In the limit where the standard determination of the CKM matrix is valid, a
quantitative estimate of the ranges for $\Im \Lambda^-_g$ and
$\Im\Lambda_t$, within scenarios A and B, can be obtained by subtracting
the SM contribution from the experimental value in (\ref{ga}).  Following
\cite{BS98}, we parametrize the SM result for $\epp$ using the approximate
formula
\beq
\Re \left(\frac{\varepsilon^\prime}{\varepsilon} \right)^{\mbox{\tiny SM}}
  = \Im \lambda_t \biggl[ -1.4 + R_s \Bigl[1.1 \vert r_Z^{(8)}\vert
  B_6^{(1/2)} + (1.0 - 0.67 \vert r_Z^{(8)}\vert )
  B_8^{(3/2)}\Bigr]\biggr]\, 
\label{eps_SM}
\eeq
with \cite{EP99}
\beq
 \Im \lambda_t = (1.33 \pm 0.14) \cdot 10^{-4}~.
\eeq
Varying $\Im \lambda_t$ and the experimental value 
(\ref{ga}) within $2\sigma$ intervals, choosing 
$B_8^{(3/2)}$, $R_s$ and $r_Z^{(8)}$ as discussed in
Section~\ref{sect:susyeps}
and, finally, assuming $0.7 \leq B^{(1/2)}_6 \leq 1.3$,
we find:
\beqa
-15.5 \cdot 10^{-4} \leq& 
\Re \left(\frac{\epsp}{\eps}\right)^{\mbox{\tiny SUSY}} &\leq
 30.1 \cdot 10^{-4}\; , \label{epe_SUSY_2}\\
-9.3 \cdot 10^{-4} \leq&  \Im \Lambda_t &\leq
   1.7 \cdot 10^{-4} \qquad (\Im \Lambda_g^- =0)\; ,
\label{Lt_eps} \\
-0.7 \cdot 10^{-5} \leq& R_g \Im \Lambda_g^- &\leq
   1.4 \cdot 10^{-5} \qquad (\Im \Lambda_t =0) \; .
\label{LG}
\eeqa


It is interesting to note that the range of $\Im \Lambda_g^-$ 
is well within the bound (\ref{eq:vs_bounds}), therefore
$\epp$ provides the most stringent bound on $|\Im \Lambda_g^-|$
within scenario A.
Similarly, $\epp$ provides the most stringent 
model-independent upper bound 
on $\Im \Lambda_t$ within scenario B. 
On the other hand, the lower bound on $\Im \Lambda_t$
imposed by $\epp$ is weaker than the bound 
(\ref{rgb4}) for $m_\tq \gsim 200$~ GeV and $x_{gq}<1.3$.

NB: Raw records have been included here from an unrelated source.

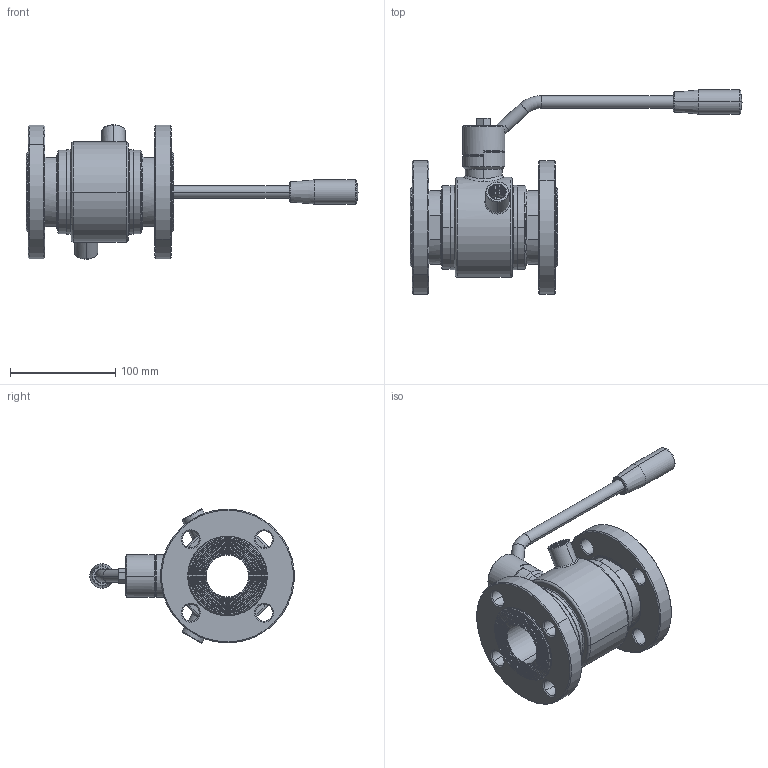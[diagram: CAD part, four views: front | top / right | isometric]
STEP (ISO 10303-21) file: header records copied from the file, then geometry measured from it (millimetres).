
FILE_DESCRIPTION((''),'2;1');
FILE_NAME('130155C63410_SW0001','2026-07-27T10:05:13',('tecnico2'),('CDM Tecnoconsulting'),'CREO PARAMETRIC BY PTC INC, 2024063','CREO PARAMETRIC BY PTC INC, 2024063','');
FILE_SCHEMA(('CONFIG_CONTROL_DESIGN','SHAPE_APPEARANCE_LAYERS_GROUPS'));
Products named in the file (1): 130155C63410_SW0001
Bounding box: 315 x 193.76 x 127.41 mm (x, y, z)
Volume: 875882.8 mm3; surface area: 188674.7 mm2
Topology: 1 solids, 1 shells, 1061 faces, 2831 edges, 1804 vertices
Faces by surface type: plane 405, cylinder 239, cone 141, extrusion 111, bspline 79, torus 72, sphere 14
Entity records: 72195 total; most frequent: CARTESIAN_POINT 35851, ORIENTED_EDGE 5626, DIRECTION 4629, PRESENTATION_STYLE_ASSIGNMENT 3207, STYLED_ITEM 2869, CURVE_STYLE 2868, EDGE_CURVE 2813, VERTEX_POINT 1804

To show the possible improvement due to more precise measurement
of $\epp$ we show how (\ref{epe_SUSY_2})--(\ref{LG})
are modified if we fix $\Re(\epp)_{\rm exp}=20\cdot 10^{-4}$.
We find
\beqa
-7.5 \cdot 10^{-4} \leq& 
\Re \left(\frac{\epsp}{\eps}\right)^{\mbox{\tiny SUSY}} &\leq
 19.7 \cdot 10^{-4}\; , \label{epe1_SUSY_2}\\
-5.9 \cdot 10^{-4} \leq&  \Im \Lambda_t &\leq
   0.8 \cdot 10^{-4} \qquad (\Im \Lambda_g^- =0)\; ,
\label{Lt1_eps} \\
-0.4 \cdot 10^{-5} \leq& R_g \Im \Lambda_g^- &\leq
   0.9 \cdot 10^{-5} \qquad (\Im \Lambda_t =0) \; .
\eeqa


\subsection{Rare Decays}
The rare decays $K_L \to \pi^0 \nu\bar{\nu}$ and $K_L \to \pi^0 e^+e^-$
provide in principle a powerful tool to clearly establish possible SUSY
contributions in $CP$-violating $|\Delta S|=1$ amplitudes, and also to
distinguish among the three scenarios introduced in
Section~\ref{subs:strat}.
\subsubsection{Scenario A}
Within scenario A only $K_L \to \pi^0 e^+e^-$ among these two
modes is affected by SUSY corrections. 
Setting $R_{\alpha_s}=1$ in (\ref{yg1}) we can write 
\beq
\Im \Lambda_g^+ {\tilde y_\gamma}  
= 35.5 ~ R_g \Im \Lambda_g^- 
~\left[ \frac{\Im \Lambda_g^+}{\Im \Lambda_g^-}\right]
~\left[ \frac{ B_T }{ B_G \sqrt{R_S} } \right]~,
\label{yg2}
\eeq
where the numerical coefficient has been obtained for $x_{gq}=1$
and can increase at most to 37.0 if we impose $x_{gq} < 1.3$.
Assuming $R_g \Im \Lambda_g^- = 10^{-5}$,
as obtained from Fig.~\ref{fig:epp}, and 
fixing to unit the two ratios among square brackets in 
(\ref{yg2}), we obtain $\Im \Lambda_g^+ {\tilde y_\gamma} 
= 3.5 \cdot 10^{-4}$. 
Using this figure in (\ref{eq:fkpe}) we find that the 
additional contribution to ${\rm BR}(\kpe)_{\rm dir}$ 
is positive and ranges 
between 3 and 4 in units of $10^{-12}$, depending on the 
value of $\Im\lambda_t$. This effect, which represents the 
typical size of the SUSY contribution to $K_L \to \pi^0 e^+e^-$ 
expected within scenario A, is certainly difficult to be 
observed. However, we stress that this conclusion 
depends strongly on the assumptions made for 
$\Im \Lambda_g^+/\Im \Lambda_g^-$ and $B_T/(B_G \sqrt{R_S})$. 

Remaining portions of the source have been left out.